◆ **Source material**
________________________

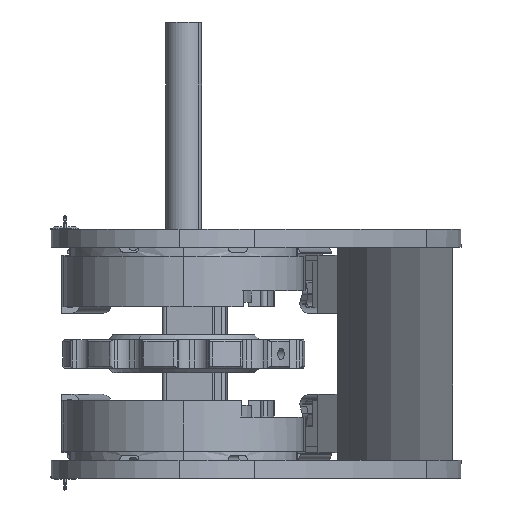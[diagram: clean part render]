
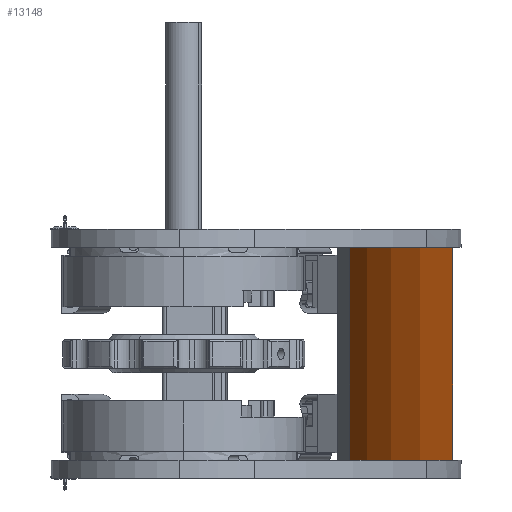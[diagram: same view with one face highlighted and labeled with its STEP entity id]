
A CAD part, left-side view. The second image highlights one B-rep face of the part: STEP entity #13148.
In plain terms, the highlighted cylindrical face has radius 126 mm (diameter 252 mm), a partial arc.
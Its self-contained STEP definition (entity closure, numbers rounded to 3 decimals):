
#2294 = AXIS2_PLACEMENT_3D ( 'NONE', #8201, #8202, #8203 ) ;
#2295 = AXIS2_PLACEMENT_3D ( 'NONE', #8206, #8207, #8208 ) ;
#6449 = LINE ( 'NONE', #8204, #6451 ) ;
#6450 = CIRCLE ( 'NONE', #2294, 126. ) ;
#6451 = VECTOR ( 'NONE', #8205, 1000. ) ;
#6452 = LINE ( 'NONE', #8209, #6454 ) ;
#6453 = CIRCLE ( 'NONE', #2295, 126. ) ;
#6454 = VECTOR ( 'NONE', #8210, 1000. ) ;
#8201 = CARTESIAN_POINT ( 'NONE',  ( 228.806, -177.546, -15.2 ) ) ;
#8202 = DIRECTION ( 'NONE',  ( 0., 0., 1. ) ) ;
#8203 = DIRECTION ( 'NONE',  ( 0.928, 0.374, 0. ) ) ;
#8204 = CARTESIAN_POINT ( 'NONE',  ( 117.965, -117.628, 102.8 ) ) ;
#8205 = DIRECTION ( 'NONE',  ( 0., 0., -1. ) ) ;
#8206 = CARTESIAN_POINT ( 'NONE',  ( 228.806, -177.546, 102.8 ) ) ;
#8207 = DIRECTION ( 'NONE',  ( 0., 0., 1. ) ) ;
#8208 = DIRECTION ( 'NONE',  ( 0.928, 0.374, 0. ) ) ;
#8209 = CARTESIAN_POINT ( 'NONE',  ( 182.259, -60.459, 102.8 ) ) ;
#8210 = DIRECTION ( 'NONE',  ( 0., 0., -1. ) ) ;
#11407 = CARTESIAN_POINT ( 'NONE',  ( 182.259, -60.459, -15.2 ) ) ;
#11408 = CARTESIAN_POINT ( 'NONE',  ( 117.965, -117.628, -15.2 ) ) ;
#11409 = CARTESIAN_POINT ( 'NONE',  ( 117.965, -117.628, 102.8 ) ) ;
#11410 = CARTESIAN_POINT ( 'NONE',  ( 182.259, -60.459, 102.8 ) ) ;
#13148 = ADVANCED_FACE ( 'NONE', ( #23792 ), #23793, .T. ) ;
#15975 = EDGE_CURVE ( 'NONE', #21719, #21720, #6450, .T. ) ;
#15976 = EDGE_CURVE ( 'NONE', #21721, #21720, #6449, .T. ) ;
#15977 = EDGE_CURVE ( 'NONE', #21722, #21721, #6453, .T. ) ;
#15978 = EDGE_CURVE ( 'NONE', #21722, #21719, #6452, .T. ) ;
#18448 = EDGE_LOOP ( 'NONE', ( #20363, #20364, #20365, #20366 ) ) ;
#19818 = AXIS2_PLACEMENT_3D ( 'NONE', #25687, #25688, #25689 ) ;
#20363 = ORIENTED_EDGE ( 'NONE', *, *, #15975, .T. ) ;
#20364 = ORIENTED_EDGE ( 'NONE', *, *, #15976, .F. ) ;
#20365 = ORIENTED_EDGE ( 'NONE', *, *, #15977, .F. ) ;
#20366 = ORIENTED_EDGE ( 'NONE', *, *, #15978, .T. ) ;
#21719 = VERTEX_POINT ( 'NONE', #11407 ) ;
#21720 = VERTEX_POINT ( 'NONE', #11408 ) ;
#21721 = VERTEX_POINT ( 'NONE', #11409 ) ;
#21722 = VERTEX_POINT ( 'NONE', #11410 ) ;
#23792 = FACE_OUTER_BOUND ( 'NONE', #18448, .T. ) ;
#23793 = CYLINDRICAL_SURFACE ( 'NONE', #19818, 126. ) ;
#25687 = CARTESIAN_POINT ( 'NONE',  ( 228.806, -177.546, 102.8 ) ) ;
#25688 = DIRECTION ( 'NONE',  ( 0., 0., -1. ) ) ;
#25689 = DIRECTION ( 'NONE',  ( -0.928, -0.374, 0. ) ) ;

________________________

◆ **Problem to work on**
Across the listing, how many lines contain "VECTOR"? State the number and nothing else.

◆ **Answer to this exercise**
2